Моя ответная речь на этом памятном худсовете вызвала благодарность Владимира. Он схватил меня за руку, когда все уже расходились, и, притянув к себе, сказал полушепотом только одно слово:

— Спасибо!

Из всех картин, встреч, разговоров, работы, мимолетных диалогов — передо мной остается только одна, висящая каким-то кошмарным символом, — предложенная как «проба» режиссером и опробованная актером Высоцким.

Репетиция «Гамлета». Мизансцена до начала пролога. Занавес закрыт. Один актер на сцене — Высоцкий (еще не Гамлет) поет под гитару Пастернака:

Шум затих. Я вышел на подмостки.

Прислонясь к дверному косяку,

Я ловлю в далеком отголоске

Что случится на моем веку…

Вдруг — страшный удар инструмента об пол. Звон или стон струн — звук непередаваемо страшный. Разбитая дека и висящие в лучах световых пистолетов струны — искривленными спиралью лучами. Задуманная режиссером, выполненная актером «игра»!

…Ведь это как ребенка убить… Мне трудно, тяжело сейчас это вспоминать. Пусть лучше другие передадут мою реакцию: она была однозначна — этого нельзя делать. Помню, как и Владимир с ужасом смотрел на обломки, как будто думал: «Что же это я наделал?» и - молчал.

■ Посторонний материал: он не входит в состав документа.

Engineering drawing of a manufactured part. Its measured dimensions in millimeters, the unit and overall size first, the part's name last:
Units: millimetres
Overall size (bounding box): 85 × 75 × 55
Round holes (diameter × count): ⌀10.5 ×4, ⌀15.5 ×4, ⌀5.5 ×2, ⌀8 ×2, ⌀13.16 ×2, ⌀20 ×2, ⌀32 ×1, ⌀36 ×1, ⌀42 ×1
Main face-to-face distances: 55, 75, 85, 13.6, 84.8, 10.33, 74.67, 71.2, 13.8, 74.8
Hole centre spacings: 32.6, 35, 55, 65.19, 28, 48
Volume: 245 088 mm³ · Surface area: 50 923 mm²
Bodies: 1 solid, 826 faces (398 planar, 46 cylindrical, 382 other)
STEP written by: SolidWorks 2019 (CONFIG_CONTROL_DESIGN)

В «Гамлете» он, конечно, сыграл себя. Играл смерть Гамлета — и получил смерть… Или выиграл?.. Оба принципа совместились, совпали…

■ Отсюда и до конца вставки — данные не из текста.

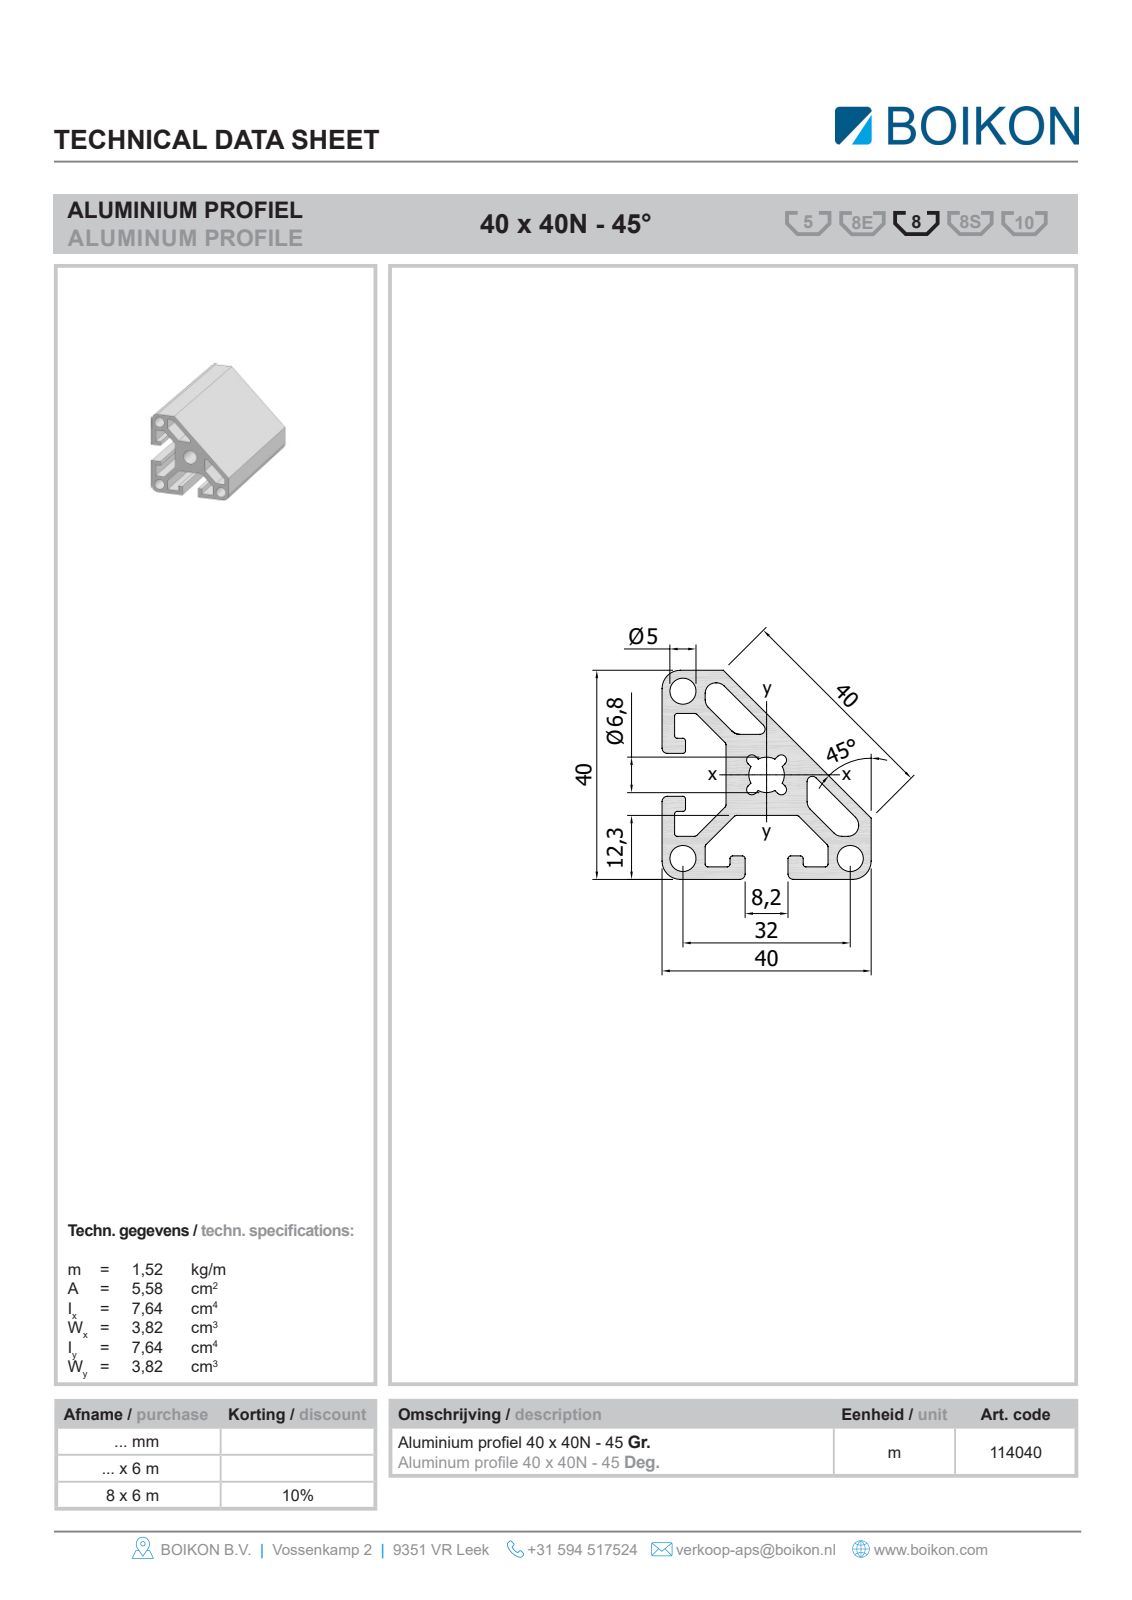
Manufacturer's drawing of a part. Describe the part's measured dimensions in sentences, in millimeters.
The part is named "Root; 11404040x40N-45BOIKON0". Its 3-D file was written by "HiCAD 2013 1802.4 Build 509 (AUTOMOTIVE_DESIGN)". It is 1 solid with 54 faces: 47 planar, 7 cylindrical and 0 other. Overall it measures 1000 by 40 by 40 millimeters. Its volume is 546 402 cubic millimeters and its surface area 396 400 square millimeters. Round holes: 3 of diameter 5, 1 of diameter 6.8. Partial cylindrical surfaces (rounded edges, fillets, slot ends): 3 of radius 3. The main face-to-face distances are 2, 12.25, 2.5, 27.75, 24.1, 10.25, 8.25, 4, 31.75, 13.9. The hole center spacings are 22.63, 32, 45.25.

И только однажды, только раз, они были смещены, спутаны: в первой постановке — равной коллективной исповеди — спектакля «Памяти Высоцкого» (в первом его варианте). Театр играл смерть Высоцкого и исповедовался в этой агонии. Ставил знакомым почерком все тот же режиссер… Отработанные, тщательно рассчитанные музыкальные акценты… Нахождение эстетики в ситуации, не допускающей эстетизма, эстетирования…

Для меня это зрелище — до сих пор загадка (правда, оно несколько смягчено позднейшей режиссурой). Но в его разгадке, я чувствую, кроется критерий моральной оценки всего происшедшего за эти двадцать с лишним лет с театром, с режиссером, с Владимиром Семеновичем Высоцким, со всеми нами, знавшими его.

Эту моральную оценку сейчас, я думаю, никто истинно дать пока не в состоянии, потому что теперь, в 1990 году, люди с улицы, просто народ — перехватил и взял на себй те великие принципы, о которых я говорил и которые теперь стали его принципами — то есть, его Судьбой.